## [Task requirements]
Output the listing word for word, minus images.
___
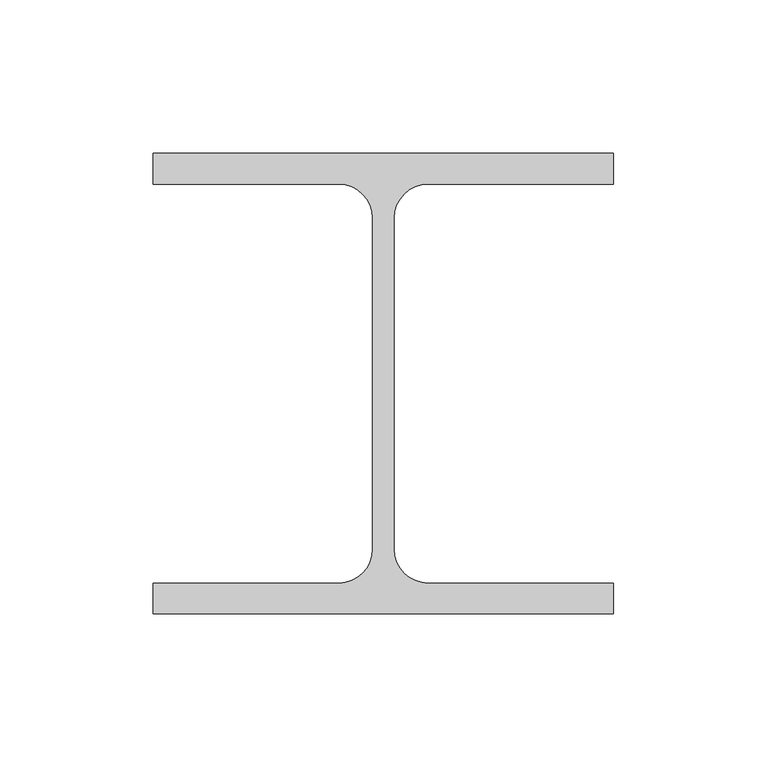
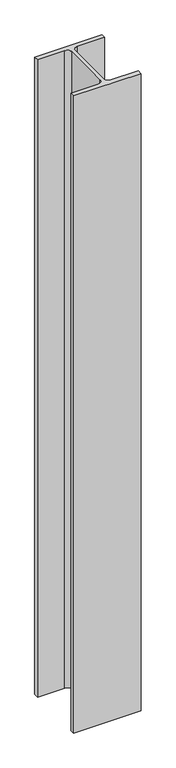
"""IFC4 building model written with IfcOpenShell, lengths in millimetres: column geometry, 0912_Steel Column_H_KSD3502 : H_SC_ASC_H-150x150x7x10."""

from ifc_helpers import new_model, si_unit, point, frame, frame_2d, origin, place, context, project, spatial, polyline, circle_curve, trimmed, segment, composite_curve, outline, extrude, source, transform, mapped, element, save


def column_24869f1c(model_context):
    return source(origin(), model_context, "Body", "SweptSolid", [
        extrude(outline(composite_curve([segment(polyline([(75.0, 75.0), (75.0, 65.0), (14.5, 65.0)]), True, "CONTINUOUS"), segment(trimmed(circle_curve(frame_2d((14.5, 54.0)), 11.0), [point((14.5, 65.0))], [point((3.5, 54.0))], True, "CARTESIAN"), True, "CONTINUOUS"), segment(polyline([(3.5, 54.0), (3.5, -54.0)]), True, "CONTINUOUS"), segment(trimmed(circle_curve(frame_2d((14.5, -54.0)), 11.0), [point((3.5, -54.0))], [point((14.5, -65.0))], True, "CARTESIAN"), True, "CONTINUOUS"), segment(polyline([(14.5, -65.0), (75.0, -65.0), (75.0, -75.0), (-75.0, -75.0), (-75.0, -65.0), (-14.5, -65.0)]), True, "CONTINUOUS"), segment(trimmed(circle_curve(frame_2d((-14.5, -54.0)), 11.0), [point((-14.5, -65.0))], [point((-3.5, -54.0))], True, "CARTESIAN"), True, "CONTINUOUS"), segment(polyline([(-3.5, -54.0), (-3.5, 54.0)]), True, "CONTINUOUS"), segment(trimmed(circle_curve(frame_2d((-14.5, 54.0)), 11.0), [point((-3.5, 54.0))], [point((-14.5, 65.0))], True, "CARTESIAN"), True, "CONTINUOUS"), segment(polyline([(-14.5, 65.0), (-75.0, 65.0), (-75.0, 75.0), (75.0, 75.0)]), True, "CONTINUOUS")], self_intersect=False)), frame((0.0, 0.0, 17299.9720055), z_axis=(0.0, 0.0, 1.0), x_axis=(1.0, 0.0, 0.0)), (0.0, 0.0, 1.0), 1500.0),
    ])


if __name__ == "__main__":
    model = new_model("IFC4")
    model_context = context("Model", 3, world=origin())
    ifc_project = project(units=[si_unit("LENGTHUNIT", "METRE", prefix="MILLI")], contexts=[model_context])
    site = spatial("IfcSite", under=ifc_project)
    building = spatial("IfcBuilding", under=site)
    placement = place(None, origin())
    column_shape = column_24869f1c(model_context)
    element("IfcColumn", 1, ObjectType="0912_Steel Column_H_KSD3502 : H_SC_ASC_H-150x150x7x10", at=placement, inside=building, context=model_context, shape_type="MappedRepresentation", body=[
        mapped(column_shape, transform((0.0, 0.0, 0.0), x_axis=(1.0, 0.0, 0.0), y_axis=(0.0, 1.0, 0.0), z_axis=(0.0, 0.0, 1.0))),
    ])
    save(model, "model.ifc")

# Revit data of these elements
# Type "0912_Steel Column_H_KSD3502 : H_SC_ASC_H-150x150x7x10"
#   H_WM Code_1 = "S01AA002-00001 | Main Steel Structure Fabrication Work | Shelter/Building | Medium Steel - Standard (90KG/M>Weight≥30KG/M) | Material: (   )"
#   H_WM Code_2 = "S03AA028-00001 | Main Steel Structure Erection Work | Shelter/Building | Medium Steel (90KG/M>Weight≥30KG/M) | Material: (   )"
#   H_WM Code_3 = "S01AA010-00001 | Main Steel Structure Fabrication Work | Shelter/Building | Steel Painting/Coating | for Non-Fireproofed Steel Surface, Surface Preparation, Primer, Second & Final Coat | Material: (   )"
#   H_Q'ty Cal Type Tag = "SC-Q2"
#   Width = 15.0 cm
#   Web Thickness = 0.7 cm
#   Web Fillet = 1.1 cm
#   Warping Constant = 27562.5 cm⁶
#   Torsional Moment of Inertia = 11.6007 cm⁴
#   Section Area = 40.14 cm²
#   Plastic Modulus weak axis = 115.0 cm³
#   Plastic Modulus strong axis = 246.0 cm³
#   Perimeter = 0.87 m²/m
#   Nominal Weight = 31.50 kgf/m
#   Moment of Inertia weak axis = 563.00 cm⁴
#   Moment of Inertia strong axis = 1640.00 cm⁴
#   Height = 15.0 cm
#   Flange Thickness = 1.0 cm
#   Elastic Modulus weak axis = 75.1 cm³
#   Elastic Modulus strong axis = 219.0 cm³
#   Centroid Vertical = 7.5 cm
#   Centroid Horizontal = 7.5 cm
#   Structural Material [instance default] = Steel, 45-345
#   Section Name Key = ""
#   Bolt Spacing = 0
#   Assembly Code = ""
# Element 1 (IfcColumn, "0912_Steel Column_H_KSD3502 : H_SC_ASC_H-150x150x7x10")
#   Structural Material = none
# Materials
#   "Steel, 45-345": class "Metal", colour RGB 189 187 185, transparency 0, Description = "Steel 345 MPa", Cost = 0
___
## [Output of the exercise]
"""IFC4 building model written with IfcOpenShell, lengths in millimetres: column geometry, 0912_Steel Column_H_KSD3502 : H_SC_ASC_H-150x150x7x10."""

from ifc_helpers import new_model, si_unit, point, frame, frame_2d, origin, place, context, project, spatial, polyline, circle_curve, trimmed, segment, composite_curve, outline, extrude, source, transform, mapped, element, save


def column_24869f1c(model_context):
    return source(origin(), model_context, "Body", "SweptSolid", [
        extrude(outline(composite_curve([segment(polyline([(75.0, 75.0), (75.0, 65.0), (14.5, 65.0)]), True, "CONTINUOUS"), segment(trimmed(circle_curve(frame_2d((14.5, 54.0)), 11.0), [point((14.5, 65.0))], [point((3.5, 54.0))], True, "CARTESIAN"), True, "CONTINUOUS"), segment(polyline([(3.5, 54.0), (3.5, -54.0)]), True, "CONTINUOUS"), segment(trimmed(circle_curve(frame_2d((14.5, -54.0)), 11.0), [point((3.5, -54.0))], [point((14.5, -65.0))], True, "CARTESIAN"), True, "CONTINUOUS"), segment(polyline([(14.5, -65.0), (75.0, -65.0), (75.0, -75.0), (-75.0, -75.0), (-75.0, -65.0), (-14.5, -65.0)]), True, "CONTINUOUS"), segment(trimmed(circle_curve(frame_2d((-14.5, -54.0)), 11.0), [point((-14.5, -65.0))], [point((-3.5, -54.0))], True, "CARTESIAN"), True, "CONTINUOUS"), segment(polyline([(-3.5, -54.0), (-3.5, 54.0)]), True, "CONTINUOUS"), segment(trimmed(circle_curve(frame_2d((-14.5, 54.0)), 11.0), [point((-3.5, 54.0))], [point((-14.5, 65.0))], True, "CARTESIAN"), True, "CONTINUOUS"), segment(polyline([(-14.5, 65.0), (-75.0, 65.0), (-75.0, 75.0), (75.0, 75.0)]), True, "CONTINUOUS")], self_intersect=False)), frame((0.0, 0.0, 17299.9720055), z_axis=(0.0, 0.0, 1.0), x_axis=(1.0, 0.0, 0.0)), (0.0, 0.0, 1.0), 1500.0),
    ])


if __name__ == "__main__":
    model = new_model("IFC4")
    model_context = context("Model", 3, world=origin())
    ifc_project = project(units=[si_unit("LENGTHUNIT", "METRE", prefix="MILLI")], contexts=[model_context])
    site = spatial("IfcSite", under=ifc_project)
    building = spatial("IfcBuilding", under=site)
    placement = place(None, origin())
    column_shape = column_24869f1c(model_context)
    element("IfcColumn", 1, ObjectType="0912_Steel Column_H_KSD3502 : H_SC_ASC_H-150x150x7x10", at=placement, inside=building, context=model_context, shape_type="MappedRepresentation", body=[
        mapped(column_shape, transform((0.0, 0.0, 0.0), x_axis=(1.0, 0.0, 0.0), y_axis=(0.0, 1.0, 0.0), z_axis=(0.0, 0.0, 1.0))),
    ])
    save(model, "model.ifc")

# Revit data of these elements
# Type "0912_Steel Column_H_KSD3502 : H_SC_ASC_H-150x150x7x10"
#   H_WM Code_1 = "S01AA002-00001 | Main Steel Structure Fabrication Work | Shelter/Building | Medium Steel - Standard (90KG/M>Weight≥30KG/M) | Material: (   )"
#   H_WM Code_2 = "S03AA028-00001 | Main Steel Structure Erection Work | Shelter/Building | Medium Steel (90KG/M>Weight≥30KG/M) | Material: (   )"
#   H_WM Code_3 = "S01AA010-00001 | Main Steel Structure Fabrication Work | Shelter/Building | Steel Painting/Coating | for Non-Fireproofed Steel Surface, Surface Preparation, Primer, Second & Final Coat | Material: (   )"
#   H_Q'ty Cal Type Tag = "SC-Q2"
#   Width = 15.0 cm
#   Web Thickness = 0.7 cm
#   Web Fillet = 1.1 cm
#   Warping Constant = 27562.5 cm⁶
#   Torsional Moment of Inertia = 11.6007 cm⁴
#   Section Area = 40.14 cm²
#   Plastic Modulus weak axis = 115.0 cm³
#   Plastic Modulus strong axis = 246.0 cm³
#   Perimeter = 0.87 m²/m
#   Nominal Weight = 31.50 kgf/m
#   Moment of Inertia weak axis = 563.00 cm⁴
#   Moment of Inertia strong axis = 1640.00 cm⁴
#   Height = 15.0 cm
#   Flange Thickness = 1.0 cm
#   Elastic Modulus weak axis = 75.1 cm³
#   Elastic Modulus strong axis = 219.0 cm³
#   Centroid Vertical = 7.5 cm
#   Centroid Horizontal = 7.5 cm
#   Structural Material [instance default] = Steel, 45-345
#   Section Name Key = ""
#   Bolt Spacing = 0
#   Assembly Code = ""
# Element 1 (IfcColumn, "0912_Steel Column_H_KSD3502 : H_SC_ASC_H-150x150x7x10")
#   Structural Material = none
# Materials
#   "Steel, 45-345": class "Metal", colour RGB 189 187 185, transparency 0, Description = "Steel 345 MPa", Cost = 0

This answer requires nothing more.